Exercise aim: Only some lines are wanted. Transcribe, exactly, the lines below from the line with "#9082=DIRECTION('',(0.,0.,-1.));" up to and including the line with "#19158=CARTESIAN_POINT('',(-23.941,-11.3,18.1));".

Exercise material:
******

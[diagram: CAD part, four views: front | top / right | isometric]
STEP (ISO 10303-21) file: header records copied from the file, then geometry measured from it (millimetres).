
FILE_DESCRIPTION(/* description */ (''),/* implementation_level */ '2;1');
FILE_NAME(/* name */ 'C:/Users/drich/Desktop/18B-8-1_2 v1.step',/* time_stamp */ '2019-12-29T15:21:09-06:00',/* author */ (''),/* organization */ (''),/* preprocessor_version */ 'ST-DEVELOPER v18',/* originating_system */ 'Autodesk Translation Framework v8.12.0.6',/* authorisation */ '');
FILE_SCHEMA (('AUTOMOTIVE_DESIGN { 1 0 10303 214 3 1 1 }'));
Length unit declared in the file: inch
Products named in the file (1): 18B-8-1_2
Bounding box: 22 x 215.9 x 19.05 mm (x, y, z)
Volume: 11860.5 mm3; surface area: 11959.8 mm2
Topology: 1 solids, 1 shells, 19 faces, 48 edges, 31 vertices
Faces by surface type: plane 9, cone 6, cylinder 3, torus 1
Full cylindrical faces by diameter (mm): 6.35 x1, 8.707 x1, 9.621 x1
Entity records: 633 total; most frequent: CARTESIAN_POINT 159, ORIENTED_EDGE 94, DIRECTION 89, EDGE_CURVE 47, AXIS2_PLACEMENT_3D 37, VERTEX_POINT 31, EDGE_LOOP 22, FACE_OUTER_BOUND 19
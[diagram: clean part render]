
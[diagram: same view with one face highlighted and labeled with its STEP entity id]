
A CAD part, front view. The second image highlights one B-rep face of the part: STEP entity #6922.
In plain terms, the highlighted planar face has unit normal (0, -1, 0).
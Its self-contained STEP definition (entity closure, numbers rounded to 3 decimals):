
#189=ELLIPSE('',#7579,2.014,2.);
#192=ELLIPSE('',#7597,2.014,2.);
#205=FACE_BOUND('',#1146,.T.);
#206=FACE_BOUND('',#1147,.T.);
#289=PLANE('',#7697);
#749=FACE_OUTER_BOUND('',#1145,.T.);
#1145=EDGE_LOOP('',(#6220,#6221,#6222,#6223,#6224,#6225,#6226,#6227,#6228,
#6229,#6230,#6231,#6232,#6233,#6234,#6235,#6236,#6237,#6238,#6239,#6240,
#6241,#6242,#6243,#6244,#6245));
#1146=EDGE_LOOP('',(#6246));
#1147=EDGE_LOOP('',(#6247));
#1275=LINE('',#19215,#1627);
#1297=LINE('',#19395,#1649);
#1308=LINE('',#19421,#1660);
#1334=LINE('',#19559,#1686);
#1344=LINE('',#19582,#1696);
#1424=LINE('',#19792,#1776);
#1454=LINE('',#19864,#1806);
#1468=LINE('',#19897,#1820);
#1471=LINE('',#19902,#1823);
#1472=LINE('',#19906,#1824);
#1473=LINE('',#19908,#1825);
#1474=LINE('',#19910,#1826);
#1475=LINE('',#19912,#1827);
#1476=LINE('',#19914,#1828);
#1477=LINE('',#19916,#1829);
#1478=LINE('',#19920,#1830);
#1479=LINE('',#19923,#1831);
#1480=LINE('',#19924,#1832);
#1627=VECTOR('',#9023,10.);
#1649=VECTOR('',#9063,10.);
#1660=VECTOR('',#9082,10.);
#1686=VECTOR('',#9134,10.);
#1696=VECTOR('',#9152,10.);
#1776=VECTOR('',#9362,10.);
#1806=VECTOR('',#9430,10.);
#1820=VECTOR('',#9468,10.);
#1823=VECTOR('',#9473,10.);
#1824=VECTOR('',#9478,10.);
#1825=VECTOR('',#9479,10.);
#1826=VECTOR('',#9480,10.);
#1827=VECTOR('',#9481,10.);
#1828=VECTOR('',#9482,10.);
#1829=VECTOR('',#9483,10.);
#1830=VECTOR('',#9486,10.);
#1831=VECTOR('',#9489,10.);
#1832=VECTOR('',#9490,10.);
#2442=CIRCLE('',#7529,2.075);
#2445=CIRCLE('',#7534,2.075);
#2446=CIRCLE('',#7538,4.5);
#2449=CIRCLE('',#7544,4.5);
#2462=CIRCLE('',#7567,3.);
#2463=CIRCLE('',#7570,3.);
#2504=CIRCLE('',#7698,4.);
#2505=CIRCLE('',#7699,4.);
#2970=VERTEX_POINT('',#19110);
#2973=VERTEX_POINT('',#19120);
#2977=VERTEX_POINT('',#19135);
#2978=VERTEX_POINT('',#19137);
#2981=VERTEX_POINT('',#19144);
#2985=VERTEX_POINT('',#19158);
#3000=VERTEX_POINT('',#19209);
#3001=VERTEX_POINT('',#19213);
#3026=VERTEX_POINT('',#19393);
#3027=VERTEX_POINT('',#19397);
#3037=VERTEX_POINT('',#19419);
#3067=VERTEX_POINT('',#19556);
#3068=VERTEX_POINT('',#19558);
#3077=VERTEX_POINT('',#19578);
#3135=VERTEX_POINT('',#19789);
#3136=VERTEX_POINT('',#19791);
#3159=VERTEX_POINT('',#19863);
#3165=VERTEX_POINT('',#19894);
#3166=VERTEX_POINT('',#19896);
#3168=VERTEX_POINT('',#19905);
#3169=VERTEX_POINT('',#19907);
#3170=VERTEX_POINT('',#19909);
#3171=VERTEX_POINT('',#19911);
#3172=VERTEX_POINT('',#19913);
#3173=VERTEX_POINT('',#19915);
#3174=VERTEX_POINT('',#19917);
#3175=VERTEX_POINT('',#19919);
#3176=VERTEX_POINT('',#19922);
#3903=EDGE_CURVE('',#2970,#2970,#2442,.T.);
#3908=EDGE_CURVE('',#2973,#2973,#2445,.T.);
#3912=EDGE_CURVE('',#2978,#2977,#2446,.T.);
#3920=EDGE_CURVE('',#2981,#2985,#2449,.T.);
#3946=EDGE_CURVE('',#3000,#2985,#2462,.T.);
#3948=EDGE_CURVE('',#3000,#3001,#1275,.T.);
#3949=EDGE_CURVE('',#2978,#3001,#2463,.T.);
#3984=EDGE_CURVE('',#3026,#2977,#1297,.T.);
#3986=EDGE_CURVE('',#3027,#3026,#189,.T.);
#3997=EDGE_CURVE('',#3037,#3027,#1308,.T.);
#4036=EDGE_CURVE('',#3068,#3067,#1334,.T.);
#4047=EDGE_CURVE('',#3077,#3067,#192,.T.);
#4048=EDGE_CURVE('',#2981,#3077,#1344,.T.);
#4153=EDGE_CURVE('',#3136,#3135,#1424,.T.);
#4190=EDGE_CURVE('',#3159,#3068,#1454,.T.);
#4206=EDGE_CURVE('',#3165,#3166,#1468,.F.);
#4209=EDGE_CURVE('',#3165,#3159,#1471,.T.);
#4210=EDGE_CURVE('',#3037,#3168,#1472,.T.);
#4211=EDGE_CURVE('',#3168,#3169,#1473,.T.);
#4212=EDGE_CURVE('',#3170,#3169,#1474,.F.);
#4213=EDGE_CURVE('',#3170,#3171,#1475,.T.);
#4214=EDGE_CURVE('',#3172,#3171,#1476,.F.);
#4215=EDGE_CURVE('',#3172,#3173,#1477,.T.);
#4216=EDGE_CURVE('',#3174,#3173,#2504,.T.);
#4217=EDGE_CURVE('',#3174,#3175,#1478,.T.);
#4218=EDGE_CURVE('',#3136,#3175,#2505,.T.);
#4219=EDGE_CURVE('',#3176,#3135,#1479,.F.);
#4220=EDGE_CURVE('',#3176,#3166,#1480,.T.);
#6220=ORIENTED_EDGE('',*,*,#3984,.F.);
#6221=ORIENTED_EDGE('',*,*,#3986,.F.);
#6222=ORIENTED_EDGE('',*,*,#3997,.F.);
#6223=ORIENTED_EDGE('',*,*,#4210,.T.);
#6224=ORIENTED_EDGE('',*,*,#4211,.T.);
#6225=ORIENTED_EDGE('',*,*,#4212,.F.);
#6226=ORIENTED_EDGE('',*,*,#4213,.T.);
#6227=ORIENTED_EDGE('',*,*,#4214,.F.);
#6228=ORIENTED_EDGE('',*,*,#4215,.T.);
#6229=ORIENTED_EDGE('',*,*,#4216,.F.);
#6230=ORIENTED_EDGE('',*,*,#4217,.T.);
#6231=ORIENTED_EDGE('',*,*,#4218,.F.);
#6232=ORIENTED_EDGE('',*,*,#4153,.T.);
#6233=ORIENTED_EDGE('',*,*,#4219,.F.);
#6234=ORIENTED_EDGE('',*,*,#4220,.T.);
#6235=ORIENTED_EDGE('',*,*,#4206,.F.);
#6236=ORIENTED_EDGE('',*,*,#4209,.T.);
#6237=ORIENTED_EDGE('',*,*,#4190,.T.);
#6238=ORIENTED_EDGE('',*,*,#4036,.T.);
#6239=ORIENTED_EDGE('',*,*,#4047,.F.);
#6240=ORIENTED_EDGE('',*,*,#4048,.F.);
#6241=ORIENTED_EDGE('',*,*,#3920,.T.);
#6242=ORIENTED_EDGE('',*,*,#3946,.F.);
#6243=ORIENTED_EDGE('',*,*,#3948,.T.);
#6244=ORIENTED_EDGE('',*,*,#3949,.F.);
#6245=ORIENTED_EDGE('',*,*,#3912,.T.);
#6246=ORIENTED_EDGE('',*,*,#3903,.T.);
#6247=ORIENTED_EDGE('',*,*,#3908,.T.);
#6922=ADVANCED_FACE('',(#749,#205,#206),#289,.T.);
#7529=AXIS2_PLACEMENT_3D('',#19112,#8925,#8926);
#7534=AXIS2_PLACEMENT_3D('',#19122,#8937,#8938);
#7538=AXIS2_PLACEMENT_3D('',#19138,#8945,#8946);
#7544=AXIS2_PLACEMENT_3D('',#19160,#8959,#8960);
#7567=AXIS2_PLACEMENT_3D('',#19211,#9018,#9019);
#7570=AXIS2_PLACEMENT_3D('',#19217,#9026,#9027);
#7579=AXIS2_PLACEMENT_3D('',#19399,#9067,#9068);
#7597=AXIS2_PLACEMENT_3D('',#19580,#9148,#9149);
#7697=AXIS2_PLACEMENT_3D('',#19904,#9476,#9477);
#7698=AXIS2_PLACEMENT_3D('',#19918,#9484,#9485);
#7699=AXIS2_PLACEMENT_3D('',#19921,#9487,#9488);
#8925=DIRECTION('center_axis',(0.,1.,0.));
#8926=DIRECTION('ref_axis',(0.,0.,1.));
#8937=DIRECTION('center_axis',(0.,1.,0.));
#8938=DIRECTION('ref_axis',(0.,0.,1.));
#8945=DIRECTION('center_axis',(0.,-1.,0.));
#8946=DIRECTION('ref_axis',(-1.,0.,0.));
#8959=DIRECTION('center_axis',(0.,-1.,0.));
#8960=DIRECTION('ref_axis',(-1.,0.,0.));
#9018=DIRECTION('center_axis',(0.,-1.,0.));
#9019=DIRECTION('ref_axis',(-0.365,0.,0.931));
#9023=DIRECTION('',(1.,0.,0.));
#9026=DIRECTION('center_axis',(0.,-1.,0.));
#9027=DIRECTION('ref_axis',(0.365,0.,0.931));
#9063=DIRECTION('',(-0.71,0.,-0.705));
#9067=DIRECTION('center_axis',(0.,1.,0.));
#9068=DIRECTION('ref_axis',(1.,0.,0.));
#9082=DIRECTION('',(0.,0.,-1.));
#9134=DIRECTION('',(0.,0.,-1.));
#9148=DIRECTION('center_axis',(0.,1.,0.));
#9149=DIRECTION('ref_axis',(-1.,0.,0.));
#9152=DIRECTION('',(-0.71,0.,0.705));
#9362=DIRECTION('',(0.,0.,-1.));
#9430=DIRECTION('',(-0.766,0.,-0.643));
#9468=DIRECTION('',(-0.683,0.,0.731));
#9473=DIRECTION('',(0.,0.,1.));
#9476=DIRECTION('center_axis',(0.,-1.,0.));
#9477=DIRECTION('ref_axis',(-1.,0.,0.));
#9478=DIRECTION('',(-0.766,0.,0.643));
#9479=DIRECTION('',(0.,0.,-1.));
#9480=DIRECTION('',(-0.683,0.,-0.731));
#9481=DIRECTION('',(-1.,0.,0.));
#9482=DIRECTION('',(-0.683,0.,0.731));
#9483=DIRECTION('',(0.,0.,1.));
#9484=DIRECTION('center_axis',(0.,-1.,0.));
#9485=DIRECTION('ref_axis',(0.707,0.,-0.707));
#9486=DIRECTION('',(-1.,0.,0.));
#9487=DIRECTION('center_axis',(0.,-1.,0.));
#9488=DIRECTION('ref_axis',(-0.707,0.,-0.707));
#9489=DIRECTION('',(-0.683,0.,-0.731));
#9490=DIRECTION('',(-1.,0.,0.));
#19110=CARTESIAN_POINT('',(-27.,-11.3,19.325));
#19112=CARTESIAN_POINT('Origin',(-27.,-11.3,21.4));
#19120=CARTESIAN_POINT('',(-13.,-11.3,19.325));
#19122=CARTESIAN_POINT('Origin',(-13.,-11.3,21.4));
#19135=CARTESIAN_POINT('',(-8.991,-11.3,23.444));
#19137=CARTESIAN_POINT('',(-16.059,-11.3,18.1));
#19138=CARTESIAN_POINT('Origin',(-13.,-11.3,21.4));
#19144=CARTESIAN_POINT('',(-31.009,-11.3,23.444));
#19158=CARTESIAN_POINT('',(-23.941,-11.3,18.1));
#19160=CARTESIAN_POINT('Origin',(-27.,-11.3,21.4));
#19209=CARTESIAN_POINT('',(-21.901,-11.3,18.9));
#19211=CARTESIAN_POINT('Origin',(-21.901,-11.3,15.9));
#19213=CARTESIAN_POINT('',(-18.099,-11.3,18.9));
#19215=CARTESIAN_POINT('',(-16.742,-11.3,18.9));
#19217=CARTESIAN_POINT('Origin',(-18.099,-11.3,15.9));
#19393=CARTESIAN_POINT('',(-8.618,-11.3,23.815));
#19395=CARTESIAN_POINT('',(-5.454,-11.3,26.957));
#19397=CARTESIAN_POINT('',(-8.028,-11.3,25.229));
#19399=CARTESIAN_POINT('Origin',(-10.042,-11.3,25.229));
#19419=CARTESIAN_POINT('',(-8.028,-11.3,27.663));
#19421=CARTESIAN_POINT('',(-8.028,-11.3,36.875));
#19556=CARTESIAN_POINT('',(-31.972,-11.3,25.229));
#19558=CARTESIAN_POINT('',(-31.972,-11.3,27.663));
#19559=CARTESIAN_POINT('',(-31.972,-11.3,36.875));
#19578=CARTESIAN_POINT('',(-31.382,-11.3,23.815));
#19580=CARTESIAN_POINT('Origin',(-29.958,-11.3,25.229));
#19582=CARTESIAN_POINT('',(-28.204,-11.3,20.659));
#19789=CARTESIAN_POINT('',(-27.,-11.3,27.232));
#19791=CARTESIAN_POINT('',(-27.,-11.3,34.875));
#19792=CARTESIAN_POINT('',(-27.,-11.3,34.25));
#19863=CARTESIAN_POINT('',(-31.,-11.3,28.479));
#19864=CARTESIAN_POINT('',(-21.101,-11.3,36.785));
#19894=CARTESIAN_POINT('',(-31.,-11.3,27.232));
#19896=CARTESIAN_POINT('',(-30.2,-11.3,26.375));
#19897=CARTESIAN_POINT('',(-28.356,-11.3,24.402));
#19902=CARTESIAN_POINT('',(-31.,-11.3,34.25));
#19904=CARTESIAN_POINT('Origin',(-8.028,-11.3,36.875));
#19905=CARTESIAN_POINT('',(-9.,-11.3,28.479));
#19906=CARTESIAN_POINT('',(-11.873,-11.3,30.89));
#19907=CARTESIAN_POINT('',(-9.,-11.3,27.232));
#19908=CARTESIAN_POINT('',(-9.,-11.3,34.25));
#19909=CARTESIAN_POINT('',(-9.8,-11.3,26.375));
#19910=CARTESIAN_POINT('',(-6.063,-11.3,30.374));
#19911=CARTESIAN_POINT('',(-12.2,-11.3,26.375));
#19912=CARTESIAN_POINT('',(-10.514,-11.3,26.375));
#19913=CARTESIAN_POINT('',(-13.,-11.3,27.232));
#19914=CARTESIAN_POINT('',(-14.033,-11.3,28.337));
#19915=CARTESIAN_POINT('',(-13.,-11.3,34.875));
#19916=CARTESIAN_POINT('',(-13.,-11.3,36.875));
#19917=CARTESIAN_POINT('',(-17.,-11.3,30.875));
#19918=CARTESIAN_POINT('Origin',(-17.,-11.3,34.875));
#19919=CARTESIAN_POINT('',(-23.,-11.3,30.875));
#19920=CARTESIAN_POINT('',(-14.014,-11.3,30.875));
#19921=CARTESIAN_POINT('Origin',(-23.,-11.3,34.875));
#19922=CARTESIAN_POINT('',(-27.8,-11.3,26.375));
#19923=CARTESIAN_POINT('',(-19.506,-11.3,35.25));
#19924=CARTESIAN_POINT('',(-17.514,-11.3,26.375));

******

Response box:
#9082=DIRECTION('',(0.,0.,-1.));
#9134=DIRECTION('',(0.,0.,-1.));
#9148=DIRECTION('center_axis',(0.,1.,0.));
#9149=DIRECTION('ref_axis',(-1.,0.,0.));
#9152=DIRECTION('',(-0.71,0.,0.705));
#9362=DIRECTION('',(0.,0.,-1.));
#9430=DIRECTION('',(-0.766,0.,-0.643));
#9468=DIRECTION('',(-0.683,0.,0.731));
#9473=DIRECTION('',(0.,0.,1.));
#9476=DIRECTION('center_axis',(0.,-1.,0.));
#9477=DIRECTION('ref_axis',(-1.,0.,0.));
#9478=DIRECTION('',(-0.766,0.,0.643));
#9479=DIRECTION('',(0.,0.,-1.));
#9480=DIRECTION('',(-0.683,0.,-0.731));
#9481=DIRECTION('',(-1.,0.,0.));
#9482=DIRECTION('',(-0.683,0.,0.731));
#9483=DIRECTION('',(0.,0.,1.));
#9484=DIRECTION('center_axis',(0.,-1.,0.));
#9485=DIRECTION('ref_axis',(0.707,0.,-0.707));
#9486=DIRECTION('',(-1.,0.,0.));
#9487=DIRECTION('center_axis',(0.,-1.,0.));
#9488=DIRECTION('ref_axis',(-0.707,0.,-0.707));
#9489=DIRECTION('',(-0.683,0.,-0.731));
#9490=DIRECTION('',(-1.,0.,0.));
#19110=CARTESIAN_POINT('',(-27.,-11.3,19.325));
#19112=CARTESIAN_POINT('Origin',(-27.,-11.3,21.4));
#19120=CARTESIAN_POINT('',(-13.,-11.3,19.325));
#19122=CARTESIAN_POINT('Origin',(-13.,-11.3,21.4));
#19135=CARTESIAN_POINT('',(-8.991,-11.3,23.444));
#19137=CARTESIAN_POINT('',(-16.059,-11.3,18.1));
#19138=CARTESIAN_POINT('Origin',(-13.,-11.3,21.4));
#19144=CARTESIAN_POINT('',(-31.009,-11.3,23.444));
#19158=CARTESIAN_POINT('',(-23.941,-11.3,18.1));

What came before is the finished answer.